# DSP1124p



## loupy31 (Apr 26, 2006)

Hi Guys, I have been able to track one of these unit down at a local music shop, what I need to know, is it as good as I have read, does it have any down sides, 

peter


----------



## Sonnie (Apr 11, 2006)

Yup... it's good. There's not really any major downsides for it when it comes to using it for a parametric sub eq. Some folks consider its learning curve a down side.


----------



## Otto (May 18, 2006)

Hi Peter,

I've had mine for a month or so now, and I love it. It's a valuable tool, and I can say that I have noticed a significant difference (improvement). I just wish I had more time to play with it, but my wife just doesn't get that excited about it. 

For the price, I know of nothing else that competes. Give it a try and eBay it or sell it here if you don't dig it.

Best of luck!


----------



## Darren (Apr 20, 2006)

The learning curve really isn't that big... once you've set one filter it's all easy after that. It just looks intimidating up front.

I've just started toying with mine and the only drawback that I can see is the inability to apply a filter below 20hz but hey, that ain't all that bad, a wide filter at 20hz can affect the lower frequencies then just compensate above that. 

I love mine, wouldn't be without it now that I've started toying around with it.


----------



## loupy31 (Apr 26, 2006)

Ok I would say I am convinced,.................Just a little off topic, regarding the RS meter, the original one.

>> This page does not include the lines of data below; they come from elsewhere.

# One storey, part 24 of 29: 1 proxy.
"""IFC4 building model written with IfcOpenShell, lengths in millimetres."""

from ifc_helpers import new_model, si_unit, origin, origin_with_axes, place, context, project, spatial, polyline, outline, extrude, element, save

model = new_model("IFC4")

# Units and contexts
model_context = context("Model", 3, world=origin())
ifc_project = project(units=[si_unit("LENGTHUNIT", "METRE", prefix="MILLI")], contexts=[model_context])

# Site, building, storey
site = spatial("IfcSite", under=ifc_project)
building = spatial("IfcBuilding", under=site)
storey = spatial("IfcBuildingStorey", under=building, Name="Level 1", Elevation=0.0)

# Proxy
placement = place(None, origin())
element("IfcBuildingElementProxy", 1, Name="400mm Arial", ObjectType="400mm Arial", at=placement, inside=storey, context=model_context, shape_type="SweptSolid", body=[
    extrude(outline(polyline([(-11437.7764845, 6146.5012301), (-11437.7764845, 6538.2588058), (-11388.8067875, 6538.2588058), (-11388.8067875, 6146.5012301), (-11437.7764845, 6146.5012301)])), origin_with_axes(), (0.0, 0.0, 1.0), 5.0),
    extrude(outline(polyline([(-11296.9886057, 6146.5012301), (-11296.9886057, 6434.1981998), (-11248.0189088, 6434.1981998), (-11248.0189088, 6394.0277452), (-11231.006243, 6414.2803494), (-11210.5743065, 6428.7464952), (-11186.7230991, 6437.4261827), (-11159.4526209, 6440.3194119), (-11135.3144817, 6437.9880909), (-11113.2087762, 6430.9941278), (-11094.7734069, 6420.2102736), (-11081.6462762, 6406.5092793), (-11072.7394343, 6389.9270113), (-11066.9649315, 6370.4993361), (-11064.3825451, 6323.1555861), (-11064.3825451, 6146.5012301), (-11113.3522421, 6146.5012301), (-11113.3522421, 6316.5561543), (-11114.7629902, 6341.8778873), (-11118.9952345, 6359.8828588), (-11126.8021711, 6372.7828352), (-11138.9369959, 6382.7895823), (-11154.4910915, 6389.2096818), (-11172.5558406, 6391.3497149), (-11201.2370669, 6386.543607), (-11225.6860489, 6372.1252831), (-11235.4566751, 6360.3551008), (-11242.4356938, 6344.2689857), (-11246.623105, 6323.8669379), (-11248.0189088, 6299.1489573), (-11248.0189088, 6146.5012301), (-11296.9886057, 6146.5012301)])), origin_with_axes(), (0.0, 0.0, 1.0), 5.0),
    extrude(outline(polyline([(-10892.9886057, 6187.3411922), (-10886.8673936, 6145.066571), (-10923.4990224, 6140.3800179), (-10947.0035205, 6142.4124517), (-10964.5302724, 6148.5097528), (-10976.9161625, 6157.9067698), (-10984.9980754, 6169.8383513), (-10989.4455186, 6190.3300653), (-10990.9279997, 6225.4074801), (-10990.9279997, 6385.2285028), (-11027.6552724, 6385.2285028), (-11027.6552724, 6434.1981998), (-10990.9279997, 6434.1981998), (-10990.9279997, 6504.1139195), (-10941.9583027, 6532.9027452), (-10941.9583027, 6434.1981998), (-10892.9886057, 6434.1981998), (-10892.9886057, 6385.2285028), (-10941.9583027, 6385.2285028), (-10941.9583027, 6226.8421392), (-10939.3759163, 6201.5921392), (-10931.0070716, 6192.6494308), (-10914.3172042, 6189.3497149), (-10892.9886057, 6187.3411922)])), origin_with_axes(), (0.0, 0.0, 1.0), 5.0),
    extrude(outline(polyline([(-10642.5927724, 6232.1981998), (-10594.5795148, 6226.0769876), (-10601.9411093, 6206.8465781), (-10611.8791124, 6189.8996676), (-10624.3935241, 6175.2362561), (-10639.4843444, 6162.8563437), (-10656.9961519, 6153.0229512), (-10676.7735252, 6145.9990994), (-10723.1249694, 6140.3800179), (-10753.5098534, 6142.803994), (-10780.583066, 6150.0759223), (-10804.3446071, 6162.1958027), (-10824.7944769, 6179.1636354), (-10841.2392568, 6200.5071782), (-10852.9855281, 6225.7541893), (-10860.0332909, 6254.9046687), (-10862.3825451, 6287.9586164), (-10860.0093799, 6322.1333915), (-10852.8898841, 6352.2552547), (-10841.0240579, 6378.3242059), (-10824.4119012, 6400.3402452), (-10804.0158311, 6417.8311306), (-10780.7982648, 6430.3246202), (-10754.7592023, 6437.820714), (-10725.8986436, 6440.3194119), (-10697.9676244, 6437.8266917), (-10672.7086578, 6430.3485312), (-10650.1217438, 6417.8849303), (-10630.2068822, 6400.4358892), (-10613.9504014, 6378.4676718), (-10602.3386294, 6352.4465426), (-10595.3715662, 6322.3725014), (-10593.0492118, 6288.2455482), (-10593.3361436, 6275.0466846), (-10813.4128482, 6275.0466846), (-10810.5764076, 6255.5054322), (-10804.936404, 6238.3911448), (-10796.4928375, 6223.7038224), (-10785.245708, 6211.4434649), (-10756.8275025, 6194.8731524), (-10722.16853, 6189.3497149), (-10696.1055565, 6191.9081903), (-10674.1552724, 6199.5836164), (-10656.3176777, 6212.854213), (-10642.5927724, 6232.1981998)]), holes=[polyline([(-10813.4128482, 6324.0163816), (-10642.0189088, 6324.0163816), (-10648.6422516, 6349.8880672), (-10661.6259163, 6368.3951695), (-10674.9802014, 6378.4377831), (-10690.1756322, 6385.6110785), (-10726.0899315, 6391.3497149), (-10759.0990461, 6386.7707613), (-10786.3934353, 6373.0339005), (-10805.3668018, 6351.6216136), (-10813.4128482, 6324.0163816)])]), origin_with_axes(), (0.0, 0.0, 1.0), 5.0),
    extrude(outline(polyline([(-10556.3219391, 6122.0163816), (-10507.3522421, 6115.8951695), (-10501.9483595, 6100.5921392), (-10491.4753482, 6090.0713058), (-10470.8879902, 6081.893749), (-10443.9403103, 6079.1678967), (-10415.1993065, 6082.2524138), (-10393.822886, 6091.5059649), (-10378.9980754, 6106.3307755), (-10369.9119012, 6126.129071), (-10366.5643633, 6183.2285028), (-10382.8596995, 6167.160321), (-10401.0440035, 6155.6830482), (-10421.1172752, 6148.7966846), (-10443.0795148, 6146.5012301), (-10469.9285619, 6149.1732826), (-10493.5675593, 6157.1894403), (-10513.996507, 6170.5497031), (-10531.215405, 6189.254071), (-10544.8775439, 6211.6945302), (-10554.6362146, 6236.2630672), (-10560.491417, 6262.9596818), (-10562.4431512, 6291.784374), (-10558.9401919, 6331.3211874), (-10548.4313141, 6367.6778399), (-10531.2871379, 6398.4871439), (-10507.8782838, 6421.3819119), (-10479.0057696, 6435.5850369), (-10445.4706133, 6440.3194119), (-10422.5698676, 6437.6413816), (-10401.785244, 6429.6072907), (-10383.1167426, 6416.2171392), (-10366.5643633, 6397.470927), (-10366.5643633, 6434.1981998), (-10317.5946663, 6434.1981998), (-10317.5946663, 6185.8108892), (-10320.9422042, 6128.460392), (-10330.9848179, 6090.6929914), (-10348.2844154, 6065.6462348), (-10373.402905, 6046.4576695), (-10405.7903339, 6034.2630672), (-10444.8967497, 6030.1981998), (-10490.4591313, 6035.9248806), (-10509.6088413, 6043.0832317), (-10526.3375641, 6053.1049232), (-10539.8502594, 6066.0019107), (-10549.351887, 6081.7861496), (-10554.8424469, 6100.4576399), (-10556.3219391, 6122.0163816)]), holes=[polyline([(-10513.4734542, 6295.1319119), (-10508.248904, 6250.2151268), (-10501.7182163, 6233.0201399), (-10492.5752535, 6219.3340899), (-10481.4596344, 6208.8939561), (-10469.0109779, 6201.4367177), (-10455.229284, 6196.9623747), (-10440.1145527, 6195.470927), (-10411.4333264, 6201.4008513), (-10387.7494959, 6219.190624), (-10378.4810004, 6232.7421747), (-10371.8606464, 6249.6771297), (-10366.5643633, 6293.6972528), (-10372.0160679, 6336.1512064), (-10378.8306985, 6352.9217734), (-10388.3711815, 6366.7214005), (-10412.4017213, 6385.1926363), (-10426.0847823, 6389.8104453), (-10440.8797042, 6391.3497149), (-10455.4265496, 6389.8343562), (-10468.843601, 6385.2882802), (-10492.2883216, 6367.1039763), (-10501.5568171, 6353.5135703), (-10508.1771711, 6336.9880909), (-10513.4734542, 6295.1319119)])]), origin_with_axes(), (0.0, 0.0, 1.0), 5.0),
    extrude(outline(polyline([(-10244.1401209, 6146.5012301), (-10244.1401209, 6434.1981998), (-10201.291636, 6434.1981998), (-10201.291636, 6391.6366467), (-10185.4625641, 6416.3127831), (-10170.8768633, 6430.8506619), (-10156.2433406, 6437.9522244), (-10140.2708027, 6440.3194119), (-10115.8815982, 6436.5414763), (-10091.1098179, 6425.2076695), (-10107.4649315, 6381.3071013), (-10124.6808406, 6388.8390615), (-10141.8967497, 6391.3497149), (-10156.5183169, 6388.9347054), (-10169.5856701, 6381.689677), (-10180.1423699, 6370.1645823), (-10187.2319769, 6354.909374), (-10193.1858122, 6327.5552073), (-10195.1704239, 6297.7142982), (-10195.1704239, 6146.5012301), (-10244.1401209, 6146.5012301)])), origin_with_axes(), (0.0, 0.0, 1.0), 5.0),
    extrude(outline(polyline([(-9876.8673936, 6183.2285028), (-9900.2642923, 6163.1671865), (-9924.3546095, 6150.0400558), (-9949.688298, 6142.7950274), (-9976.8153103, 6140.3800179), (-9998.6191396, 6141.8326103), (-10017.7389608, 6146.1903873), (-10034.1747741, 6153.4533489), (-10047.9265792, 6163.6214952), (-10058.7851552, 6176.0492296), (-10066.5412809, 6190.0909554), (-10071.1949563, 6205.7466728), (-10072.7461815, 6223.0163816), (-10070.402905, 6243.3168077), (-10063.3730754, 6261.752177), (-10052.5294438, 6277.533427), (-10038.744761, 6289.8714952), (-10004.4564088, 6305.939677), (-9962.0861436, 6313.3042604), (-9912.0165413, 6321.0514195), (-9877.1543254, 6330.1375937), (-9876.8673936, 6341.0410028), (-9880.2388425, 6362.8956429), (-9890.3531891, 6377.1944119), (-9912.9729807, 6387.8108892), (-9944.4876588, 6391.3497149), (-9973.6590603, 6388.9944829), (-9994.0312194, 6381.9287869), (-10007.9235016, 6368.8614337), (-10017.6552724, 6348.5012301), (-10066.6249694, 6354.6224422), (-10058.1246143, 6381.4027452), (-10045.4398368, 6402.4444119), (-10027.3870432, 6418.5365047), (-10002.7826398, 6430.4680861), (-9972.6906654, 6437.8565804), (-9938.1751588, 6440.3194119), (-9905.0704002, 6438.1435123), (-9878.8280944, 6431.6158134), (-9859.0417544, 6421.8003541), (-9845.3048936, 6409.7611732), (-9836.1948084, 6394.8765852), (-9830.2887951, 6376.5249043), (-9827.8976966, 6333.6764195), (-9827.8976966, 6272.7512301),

You guys probably already have , but check out this site

http://cygnus.ipal.org/mirror/www.people.Virginia.EDU/~edw3g/rsmeter.htm


----------



## Sonnie (Apr 11, 2006)

Yeah... I posted that mod somewhere once or twice. If you do it then you really need to test it to see how accurate it is afterwards, just to make sure. Let's us know if you mod it and how it turns out.


----------



## deepakvali (May 17, 2006)

i would say to use this gadget is not diff, the diff part is to get the correct filters into this gadget for it to function perfectly.


----------



## Otto (May 18, 2006)

I must say that I have never manually entered the EQ parameters into the BFD by hand, nor would I want to. The MIDI connection is the way to go, and eliminates the need for entering much of anything at all into the BFD.


----------



## loupy31 (Apr 26, 2006)

Otto said:


> I must say that I have never manually entered the EQ parameters into the BFD by hand, nor would I want to. The MIDI connection is the way to go, and eliminates the need for entering much of anything at all into the BFD.



Hi Otto,
I asume you get software with the unit that alows you to link to your PC....Is that correct.

Peter


----------



## Snookboy (Apr 28, 2006)

Loupy,

The software is the Room Equalization Wizard. You will need some hardware for the midi connection. One recommended is the Edirol UM-1X USB-Midi. With that you should be able to send the filters to the BFD.


----------